= Wang algebra =

Algebraic structure in network theory

In algebra and network theory, a Wang algebra is a commutative algebra $A$, over a field or (more generally) a commutative unital ring, in which $A$ has two additional properties:
(Rule i) For all elements x of $A$, x + x = 0 (universal additive nilpotency of degree 1).
(Rule ii) For all elements x of $A$, x'x = 0 (universal multiplicative nilpotency of degree 1).

==History and applications==
Rules (i) and (ii) were originally published by K. T. Wang (Wang Ki-Tung, 王 季同) in 1934 as part of a method for analyzing electrical networks. From 1935 to 1940, several Chinese electrical engineering researchers published papers on the method. The original Wang algebra is the Grassmann algebra over the finite field mod 2. At the 57th annual meeting of the American Mathematical Society, held on December 27–29, 1950, Raoul Bott and Richard Duffin introduced the concept of a Wang algebra in their abstract (number 144t) The Wang algebra of networks. They gave an interpretation of the Wang algebra as a particular type of Grassmann algebra mod 2. In 1969 Wai-Kai Chen used the Wang algebra formulation to give a unification of several different techniques for generating the trees of a graph. The Wang algebra formulation has been used to systematically generate King-Altman directed graph patterns. Such patterns are useful in deriving rate equations in the theory of enzyme kinetics.
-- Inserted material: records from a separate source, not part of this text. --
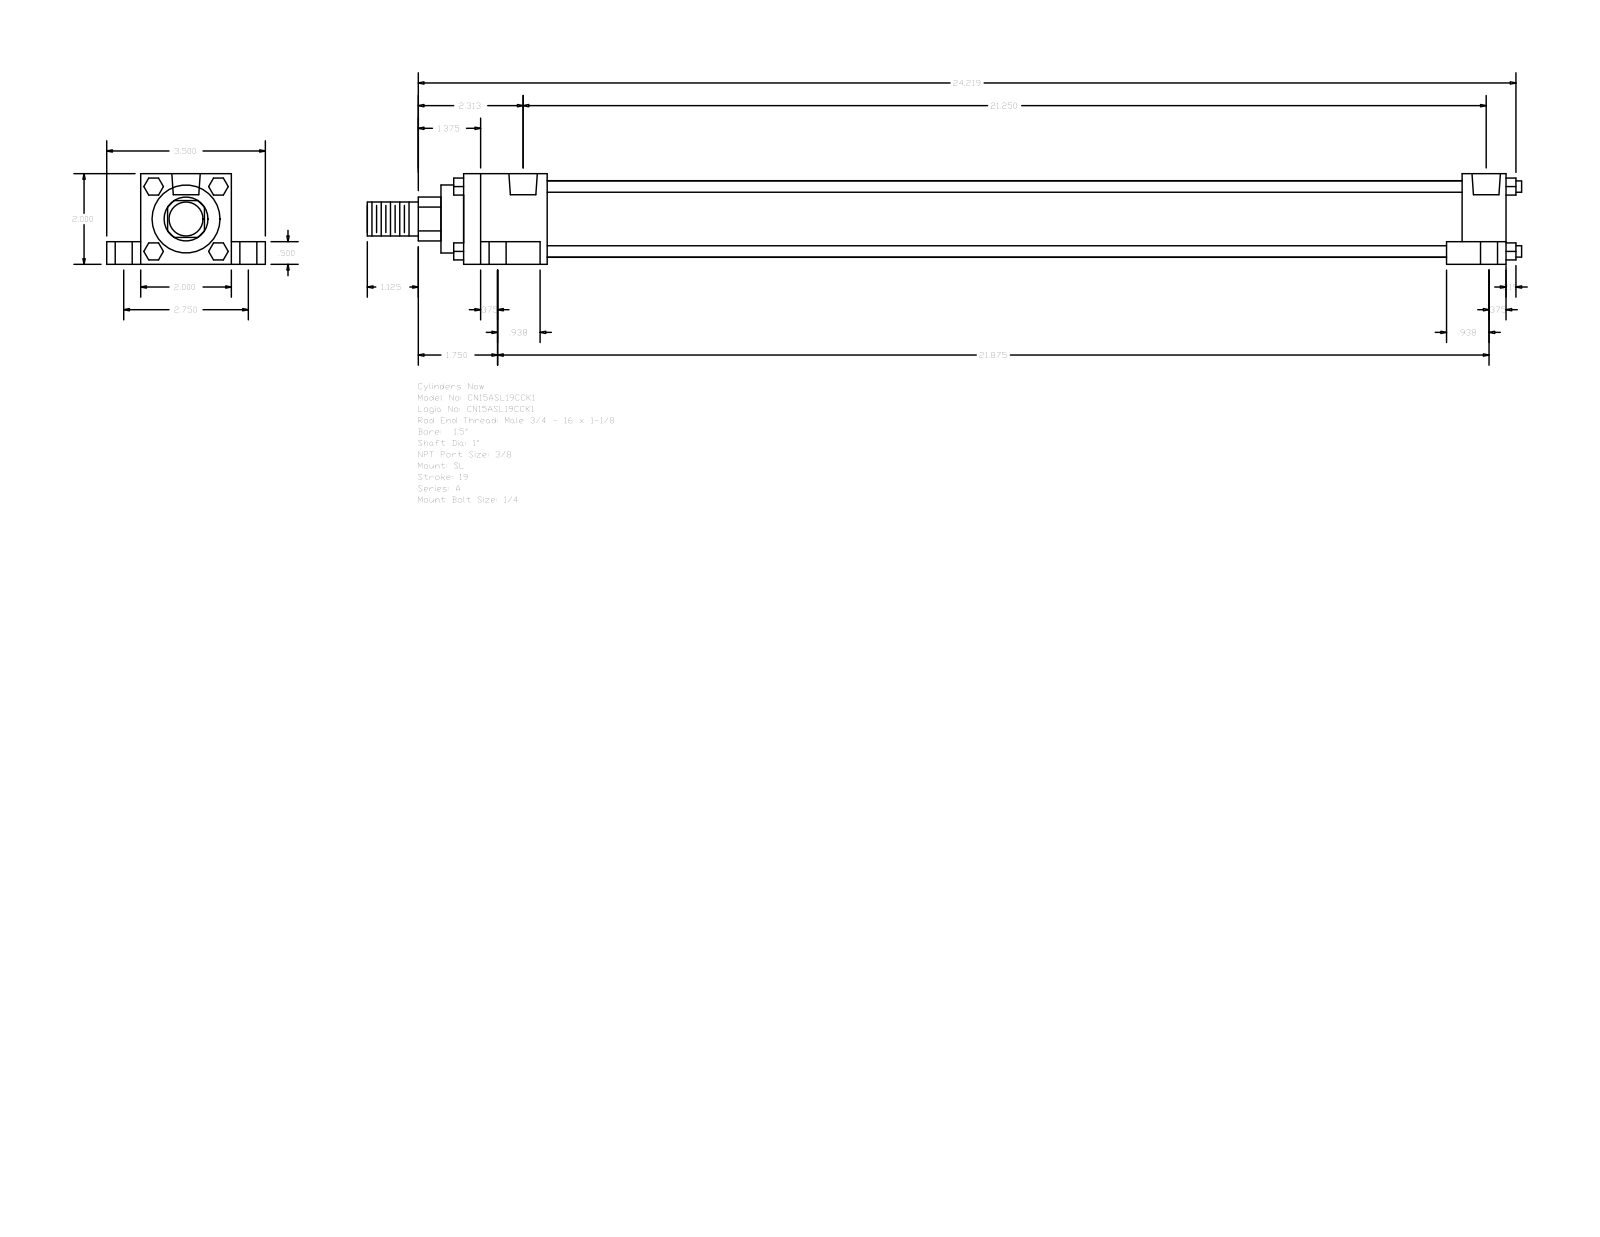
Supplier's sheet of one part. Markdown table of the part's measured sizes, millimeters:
| quantity | value |
| --- | --- |
| part name | A_SL__0150_1 |
| STEP written by | GSSL Pune (CONFIG_CONTROL_DESIGN) |
| units | millimeters |
| bodies | 0 solids, 148 faces (112 planar, 36 cylindrical, 0 other) |
| overall size | 646.91 × 88.9 × 50.8 |
| round holes (diameter × count) | 5.56 × 4, 9.53 × 4, 15.88 × 4, 15.93 × 2 |
| round bosses / shafts (diameter × count) | 6.35 × 4, 42.93 × 1, 38.1 × 1, 25.4 × 1, 19.05 × 1 |
| partial cylindrical surfaces (radius × count) | 12.29 × 1 |
| main face-to-face distances | 50.8, 12.7, 38.1, 19.05, 69.85, 9.52, 584.2, 33.34, 559.59, 24.61 |
| hole center spacings | 3.97, 34.96, 35.36, 37.73, 39.41, 69.84, 531.81, 535.78 |

According to Guo Jinhai, professor in the Institute for the History of Natural Sciences of the Chinese Academy of Sciences, Wang Ki Tung's pioneering method of analyzing electrical networks significantly promoted electrical engineering not only in China but in the rest of the world; the Wang algebra formulation is useful in electrical networks for solving problems involving topological methods, graph theory, and Hamiltonian cycles.
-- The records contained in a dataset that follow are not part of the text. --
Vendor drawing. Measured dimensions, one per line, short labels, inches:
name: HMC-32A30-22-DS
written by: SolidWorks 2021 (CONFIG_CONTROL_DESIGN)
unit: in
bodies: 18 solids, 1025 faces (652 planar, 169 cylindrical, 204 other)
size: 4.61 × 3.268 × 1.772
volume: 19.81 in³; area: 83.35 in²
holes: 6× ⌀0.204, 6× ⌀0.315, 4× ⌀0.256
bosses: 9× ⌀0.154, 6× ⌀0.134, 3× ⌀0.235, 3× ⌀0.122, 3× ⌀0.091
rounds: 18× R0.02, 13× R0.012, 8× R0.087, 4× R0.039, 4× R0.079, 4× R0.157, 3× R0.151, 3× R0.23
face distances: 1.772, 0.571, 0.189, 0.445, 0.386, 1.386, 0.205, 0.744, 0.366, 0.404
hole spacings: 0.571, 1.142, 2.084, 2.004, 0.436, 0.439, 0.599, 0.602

==Wang Algebra and the Spanning Trees of a Graph==
- The Wang Rules for Finding all Spanning Trees of a Graph G
1. For each node write the sum of all the edge-labels that meet that node.
2. Leave out one node and take the product of the sums of labels for all the remaining nodes.
3. Expand the product in 2. using the Wang algebra.
4. The terms in the sum of the expansion obtained in 3. are in 1-1 correspondence with the spanning trees in the graph.